#### [WHAT THIS TASK INVOLVES]
Leave the pictures out. Transcribe exactly every line from the start of the records through the one containing "msp = doc.modelspace()".

*-*-*

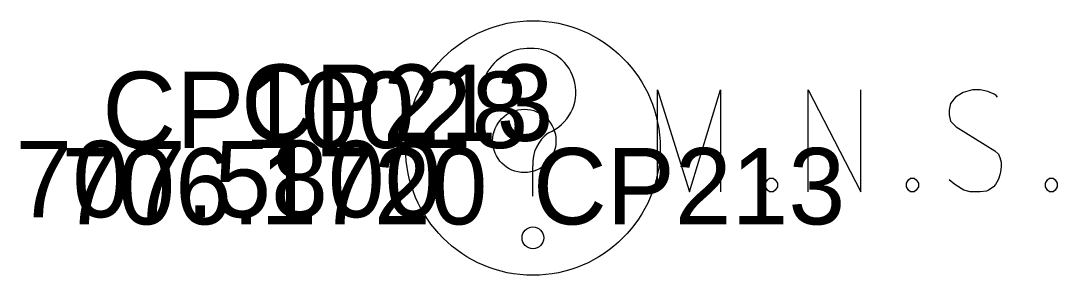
# Model space of a CAD drawing. Extents: x 182090 to 1832865, y 706265 to 714392.
# Drawn here: x 1822256.888 to 1822260.959, y 711874.371 to 711875.371 of the extents above; entities that cross this region are included whole.
import ezdxf

# ---------------------------------------------------------------- set-up
doc = ezdxf.new("R2010")
doc.units = 0
for name, color, linetype in [('RD_X_Misc_Items', 7, 'Continuous'), ('SV_P_Control_Cells_Set', 7, 'Continuous'), ('SV_X_Text_Comment', 7, 'Continuous'), ('SV_X_Text_Elevation', 7, 'Continuous'), ('SV_X_Text_Name', 7, 'Continuous')]:
    doc.layers.add(name, color=color, linetype=linetype)

msp = doc.modelspace()

# ---------------------------------------------------------------- linework, layer by layer
at = {"layer": 'RD_X_Misc_Items'}
msp.add_line((1822258.9, 711874.6822), (1822258.9, 711874.801), dxfattribs=at)
for centre, radius in [((1822258.9, 711874.871), 0.5), ((1822258.9, 711874.5181), 0.0426)]:
    msp.add_circle(centre, radius, dxfattribs=at)
for centre, radius, start, end in [((1822258.8841, 711875.0738), 0.1885, 88.324, 152.5385), ((1822258.897, 711875.0905), 0.1719, 291.9329, 92.4584), ((1822259.0464, 711874.8115), 0.1468, 125.4618, 184.0829)]:
    msp.add_arc(centre, radius, start, end, dxfattribs=at)
at = {"layer": 'SV_P_Control_Cells_Set'}
for points in [[(1822259.3886, 711874.6989), (1822259.3886, 711875.0989), (1822259.5154, 711874.6989), (1822259.6366, 711875.0989), (1822259.6366, 711874.6989)], [(1822259.9811, 711874.6989), (1822259.9811, 711875.0989), (1822260.1878, 711874.6989), (1822260.1878, 711875.0989)], [(1822260.7252, 711875.0705), (1822260.7196, 711875.0768), (1822260.7114, 711875.0831), (1822260.6866, 711875.0926), (1822260.6562, 711875.0989), (1822260.6342, 711875.0989), (1822260.6259, 711875.0989), (1822260.5901, 711875.0894), (1822260.5598, 711875.0705), (1822260.5405, 711875.0453), (1822260.535, 711875.0201), (1822260.535, 711875.0012), (1822260.5405, 711874.976), (1822260.5625, 711874.954), (1822260.7141, 711874.8595), (1822260.7279, 711874.8469), (1822260.7334, 711874.8343), (1822260.7389, 711874.8154), (1822260.7389, 711874.7965), (1822260.7362, 711874.7776), (1822260.7334, 711874.765), (1822260.7279, 711874.7492), (1822260.7224, 711874.7366), (1822260.7169, 711874.7272), (1822260.7086, 711874.7178), (1822260.7003, 711874.7115), (1822260.6893, 711874.7052), (1822260.6811, 711874.702), (1822260.6562, 711874.6989), (1822260.6177, 711874.6989), (1822260.5929, 711874.7052), (1822260.557, 711874.7272), (1822260.535, 711874.7461)], [(1822259.8296, 711874.7524), (1822259.8433, 711874.7524), (1822259.8516, 711874.7461), (1822259.8599, 711874.7335), (1822259.8599, 711874.7178), (1822259.8516, 711874.7052), (1822259.8433, 711874.6989), (1822259.8296, 711874.6989), (1822259.8213, 711874.7052), (1822259.813, 711874.7178), (1822259.813, 711874.7335), (1822259.8213, 711874.7461), (1822259.8296, 711874.7524)], [(1822260.3834, 711874.7524), (1822260.3972, 711874.7524), (1822260.4055, 711874.7461), (1822260.4137, 711874.7335), (1822260.4137, 711874.7178), (1822260.4055, 711874.7052), (1822260.3972, 711874.6989), (1822260.3834, 711874.6989), (1822260.3752, 711874.7052), (1822260.3669, 711874.7178), (1822260.3669, 711874.7335), (1822260.3752, 711874.7461), (1822260.3834, 711874.7524)], [(1822260.9291, 711874.7524), (1822260.9428, 711874.7524), (1822260.9511, 711874.7461), (1822260.9594, 711874.7335), (1822260.9594, 711874.7178), (1822260.9511, 711874.7052), (1822260.9428, 711874.6989), (1822260.9291, 711874.6989), (1822260.9208, 711874.7052), (1822260.9125, 711874.7178), (1822260.9125, 711874.7335), (1822260.9208, 711874.7461), (1822260.9291, 711874.7524)]]:
    msp.add_lwpolyline(points, dxfattribs=at)
msp.add_circle((1822258.8661, 711874.8989), 0.1244, dxfattribs=at)

# ---------------------------------------------------------------- texts
at = {"layer": 'SV_X_Text_Comment'}
msp.add_text('CP213', height=0.3, dxfattribs=at).set_placement((1822258.9, 711874.571))
at = {"layer": 'SV_X_Text_Elevation'}
for s, p in [('707.5800', (1822256.8677, 711874.599)), ('706.1720', (1822257.0483, 711874.571))]:
    msp.add_text(s, height=0.3, dxfattribs=at).set_placement(p)
at = {"layer": 'SV_X_Text_Name'}
for s, p in [('CP213', (1822257.7536, 711874.899)), ('CP10028', (1822257.2089, 711874.871))]:
    msp.add_text(s, height=0.3, dxfattribs=at).set_placement(p)

doc.saveas('drawing.dxf')

*-*-*

#### [WRITTEN ANSWER]
# Model space of a CAD drawing. Extents: x 182090 to 1832865, y 706265 to 714392.
# Drawn here: x 1822256.888 to 1822260.959, y 711874.371 to 711875.371 of the extents above; entities that cross this region are included whole.
import ezdxf

# ---------------------------------------------------------------- set-up
doc = ezdxf.new("R2010")
doc.units = 0
for name, color, linetype in [('RD_X_Misc_Items', 7, 'Continuous'), ('SV_P_Control_Cells_Set', 7, 'Continuous'), ('SV_X_Text_Comment', 7, 'Continuous'), ('SV_X_Text_Elevation', 7, 'Continuous'), ('SV_X_Text_Name', 7, 'Continuous')]:
    doc.layers.add(name, color=color, linetype=linetype)

msp = doc.modelspace()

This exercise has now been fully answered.